# Task to carry out
Retype the records below exactly as they stand, but with no images.

# Recorded information
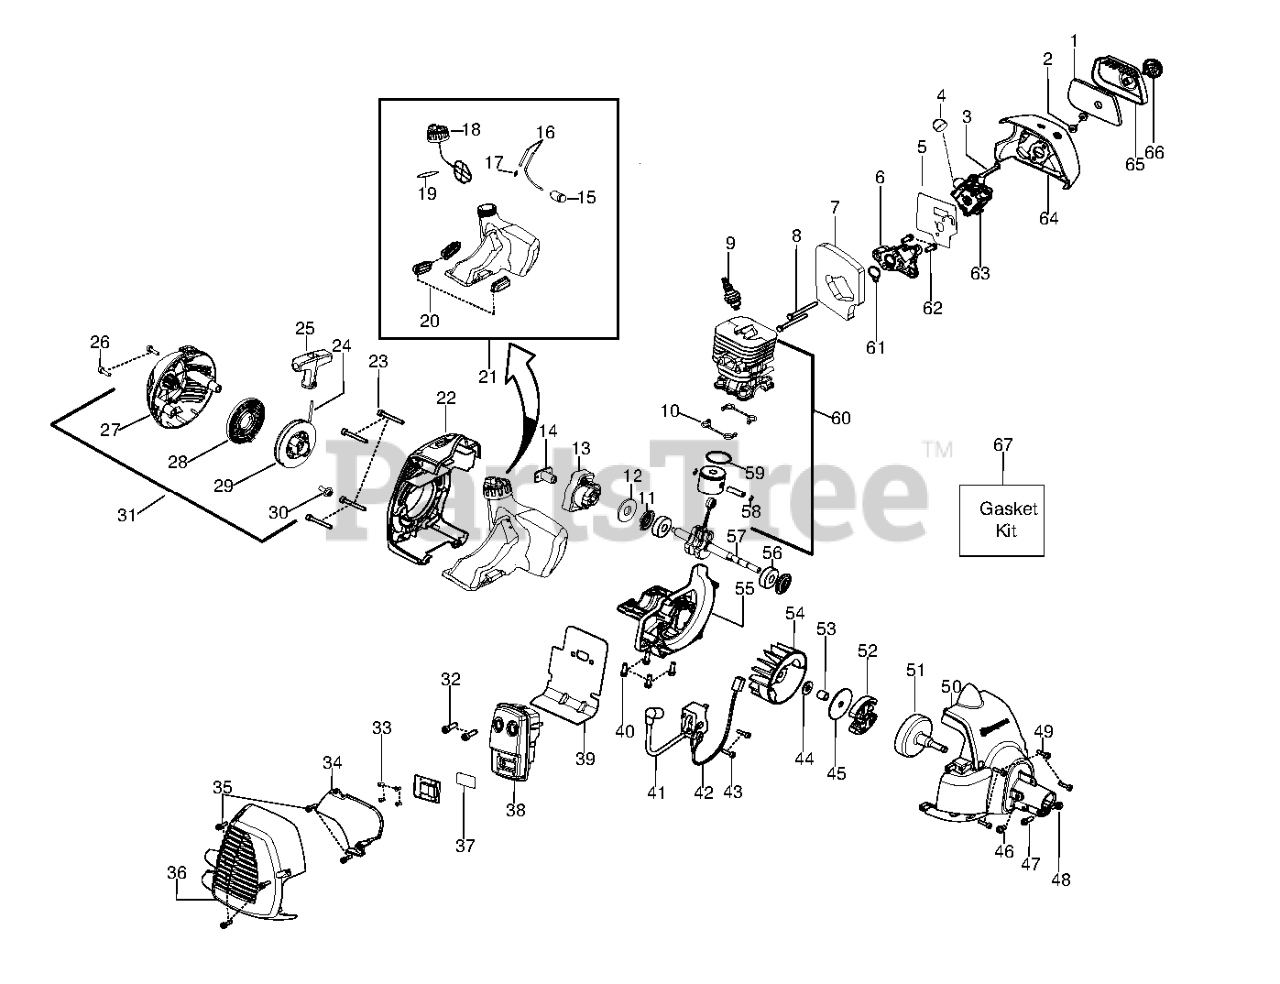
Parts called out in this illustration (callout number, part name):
1	FILTER AIRBOX
3	CHOKE LEVER
4	PURGE BULB ZAMA
5	KIT GASKET 28CC
6	CARB ADAPTOR
7	KIT GASKET 28CC
8	BOLT CARB ADAPTOR
9	Accy - Spark Plug (RCJ6-Y)
10	KIT GASKET 28CC
11	KIT GASKET 28CC
12	WASHER FLAT
13	ASSY STARTER CUP
14	COUPLING-STARTER
15	FUEL PICK-UP ASSY
16	KIT-LINE(FUEL)
17	FUEL LINE FITTING
18	ASSY-CAP W/RETAINER
19	KIT GASKET 28CC
20	ISOLATOR FUEL TANK
21	KIT FUEL TANK HVA
22	REAR SHROUD ORANGE
25	STARTER HANDLE GRAY
26	SCREW M5-0.8X30MM
27	STARTER HOUSING
28	%KIT STARTER SPRING
29	KIT STARTER PULLEY
31	ASSY-STARTER HSG.
32	BOLT MUFFLER
33	SCREW-6-19X5/16PLAST PA
34	SHIELD HEAT
35	SCREW M4 X 1.75 PT 16MM
36	GUARD-MUFFLER
37	KIT SPARK ARRESTOR SCREEN
38	KIT MUFFLER W/CATALYST
39	KIT GASKET 28CC
40	SCREW-M5-0.8 X 25MM(TAP)
41	IGNITION MODULE MB45
42	ASSY MODULE LEAD WIRE
43	SCREW M4 X .70 TT 16MM
44	WASHER CLUTCH
45	WASHER-CLUTCH
48	LOCKNUT-HEX 10-24
49	SCREW M4 X .70 TT 16MM
50	FAN HSG ASSY
51	ASSY-CLUTCH DRUM
52	%KIT CLUTCH ASSY
53	SPACER FLYWHEEL
55	CRANKCASE CAST LE28
56	BEARING RADIAL BALL (6201)
57	ASSY CRANKSHAFT FORGED ROD
58	WRIST PIN RET.
59	RING PISTON
60	KIT PISTON & CYLINDER
61	KIT GASKET 28CC
62	SCREW-M5-0.8 X 25MM(TAP)
63	CARBURETOR KIT W38
64	AIRBOX HVA 128 HUSKY GRAY
65	COVER-AIR BOX
66	KNOB ASSY AIRBOX COVER
67	KIT GASKET 28CC

# Result below
Parts called out in this illustration (callout number, part name):
1	FILTER AIRBOX
3	CHOKE LEVER
4	PURGE BULB ZAMA
5	KIT GASKET 28CC
6	CARB ADAPTOR
7	KIT GASKET 28CC
8	BOLT CARB ADAPTOR
9	Accy - Spark Plug (RCJ6-Y)
10	KIT GASKET 28CC
11	KIT GASKET 28CC
12	WASHER FLAT
13	ASSY STARTER CUP
14	COUPLING-STARTER
15	FUEL PICK-UP ASSY
16	KIT-LINE(FUEL)
17	FUEL LINE FITTING
18	ASSY-CAP W/RETAINER
19	KIT GASKET 28CC
20	ISOLATOR FUEL TANK
21	KIT FUEL TANK HVA
22	REAR SHROUD ORANGE
25	STARTER HANDLE GRAY
26	SCREW M5-0.8X30MM
27	STARTER HOUSING
28	%KIT STARTER SPRING
29	KIT STARTER PULLEY
31	ASSY-STARTER HSG.
32	BOLT MUFFLER
33	SCREW-6-19X5/16PLAST PA
34	SHIELD HEAT
35	SCREW M4 X 1.75 PT 16MM
36	GUARD-MUFFLER
37	KIT SPARK ARRESTOR SCREEN
38	KIT MUFFLER W/CATALYST
39	KIT GASKET 28CC
40	SCREW-M5-0.8 X 25MM(TAP)
41	IGNITION MODULE MB45
42	ASSY MODULE LEAD WIRE
43	SCREW M4 X .70 TT 16MM
44	WASHER CLUTCH
45	WASHER-CLUTCH
48	LOCKNUT-HEX 10-24
49	SCREW M4 X .70 TT 16MM
50	FAN HSG ASSY
51	ASSY-CLUTCH DRUM
52	%KIT CLUTCH ASSY
53	SPACER FLYWHEEL
55	CRANKCASE CAST LE28
56	BEARING RADIAL BALL (6201)
57	ASSY CRANKSHAFT FORGED ROD
58	WRIST PIN RET.
59	RING PISTON
60	KIT PISTON & CYLINDER
61	KIT GASKET 28CC
62	SCREW-M5-0.8 X 25MM(TAP)
63	CARBURETOR KIT W38
64	AIRBOX HVA 128 HUSKY GRAY
65	COVER-AIR BOX
66	KNOB ASSY AIRBOX COVER
67	KIT GASKET 28CC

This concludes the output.